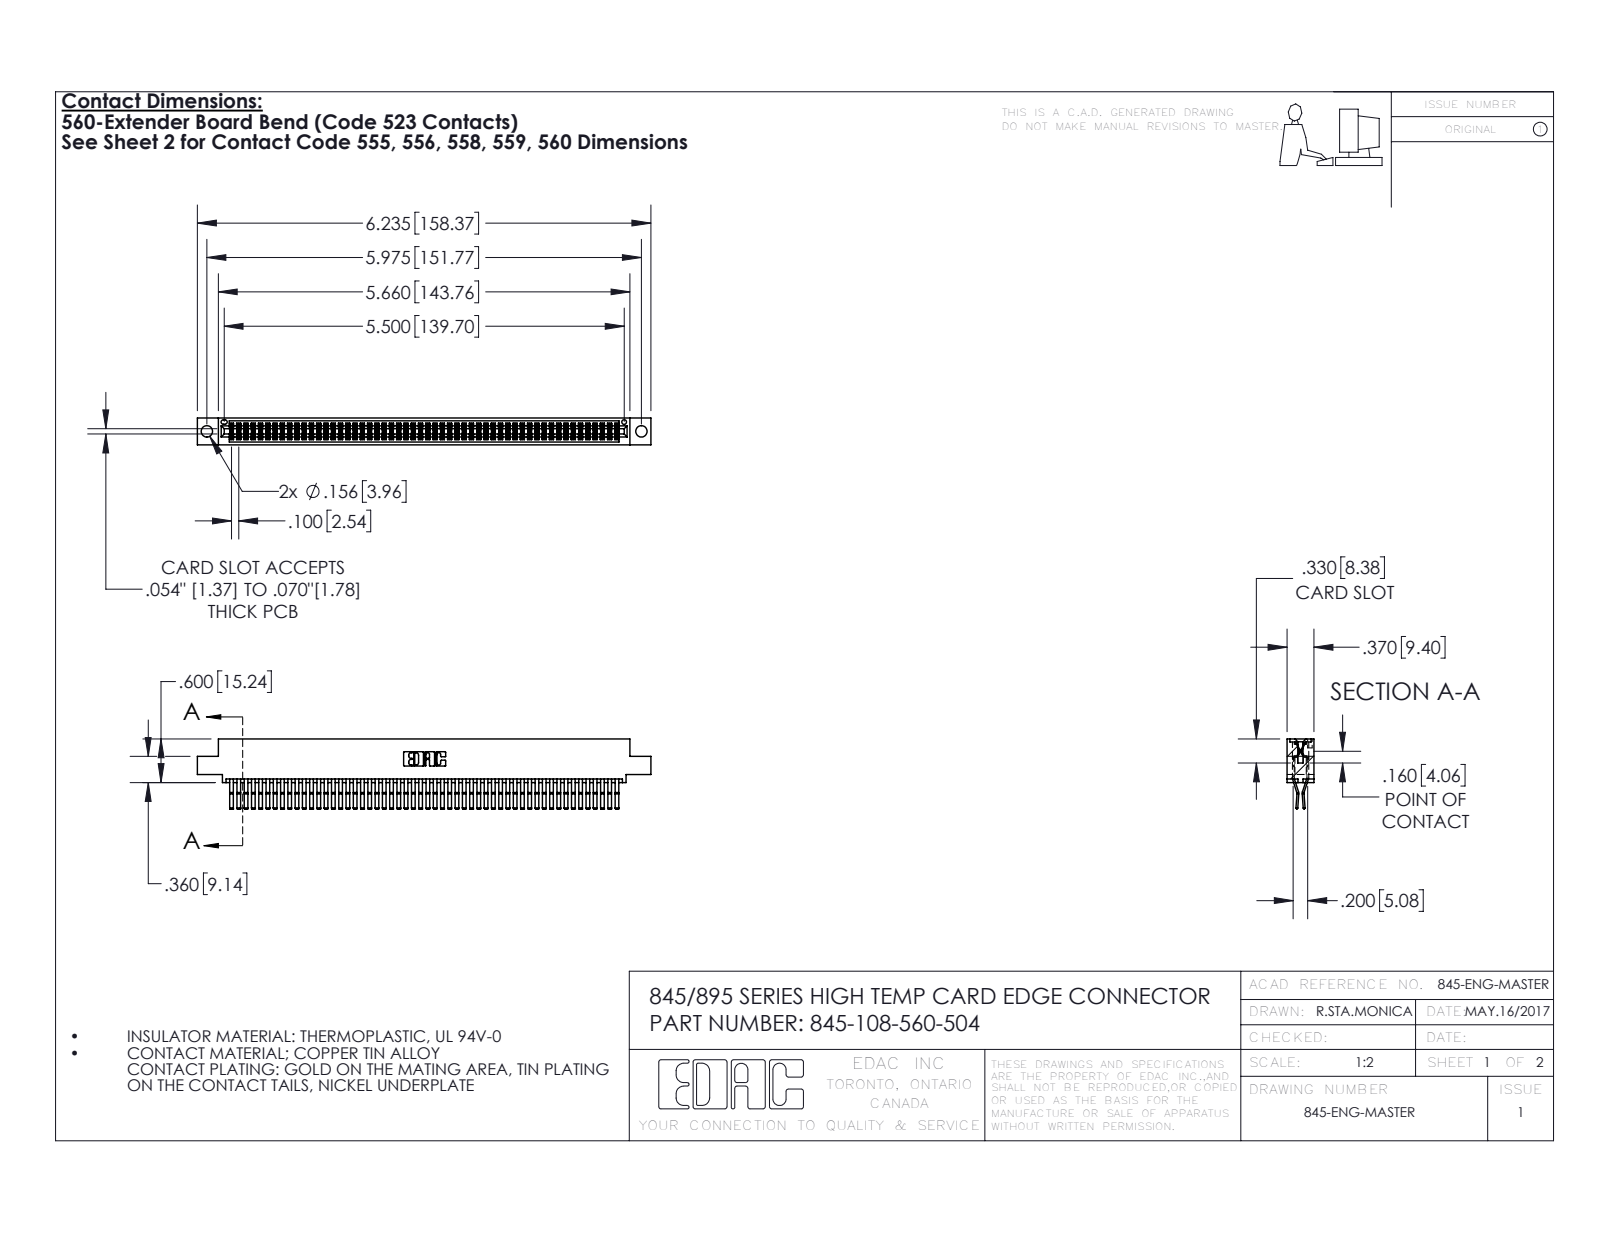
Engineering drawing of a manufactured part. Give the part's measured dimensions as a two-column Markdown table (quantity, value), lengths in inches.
| quantity | value |
| --- | --- |
| part name | 345-292-001_560 Tail; 345 Part_0.110 Offset - 0.156 Dia-TH; 345-108-560-504 |
| STEP written by | SolidWorks 2016 (CONFIG_CONTROL_DESIGN) |
| units | inches |
| bodies | 109 solids, 5746 faces (3648 planar, 2098 cylindrical, 0 other) |
| overall size | 6.235 × 0.962 × 0.37 |
| volume | 0.979 in³ |
| surface area | 39.79 in² |
| round holes (diameter × count) | 0.156 × 2, 0.064 × 1 |
| partial cylindrical surfaces (radius × count) | 0.006 × 162, 0.01 × 22, 0.007 × 6, 0.031 × 6, 0.026 × 3, 0.01 × 2, 0.014 × 2, 0.019 × 2 |
| main face-to-face distances | 0.025, 0.298, 0.072, 0.37, 0.2, 0.098, 0.272, 0.225, 0.175, 0.149 |
| hole center spacings | 0.27, 5.739, 5.975 |

· · ·

Work instructions: Only the pictures are left behind; write out everything else in the records exactly.

Written response:
Engineering drawing of a manufactured part. Give the part's measured dimensions as a two-column Markdown table (quantity, value), lengths in inches.
| quantity | value |
| --- | --- |
| part name | 345-292-001_560 Tail; 345 Part_0.110 Offset - 0.156 Dia-TH; 345-108-560-504 |
| STEP written by | SolidWorks 2016 (CONFIG_CONTROL_DESIGN) |
| units | inches |
| bodies | 109 solids, 5746 faces (3648 planar, 2098 cylindrical, 0 other) |
| overall size | 6.235 × 0.962 × 0.37 |
| volume | 0.979 in³ |
| surface area | 39.79 in² |
| round holes (diameter × count) | 0.156 × 2, 0.064 × 1 |
| partial cylindrical surfaces (radius × count) | 0.006 × 162, 0.01 × 22, 0.007 × 6, 0.031 × 6, 0.026 × 3, 0.01 × 2, 0.014 × 2, 0.019 × 2 |
| main face-to-face distances | 0.025, 0.298, 0.072, 0.37, 0.2, 0.098, 0.272, 0.225, 0.175, 0.149 |
| hole center spacings | 0.27, 5.739, 5.975 |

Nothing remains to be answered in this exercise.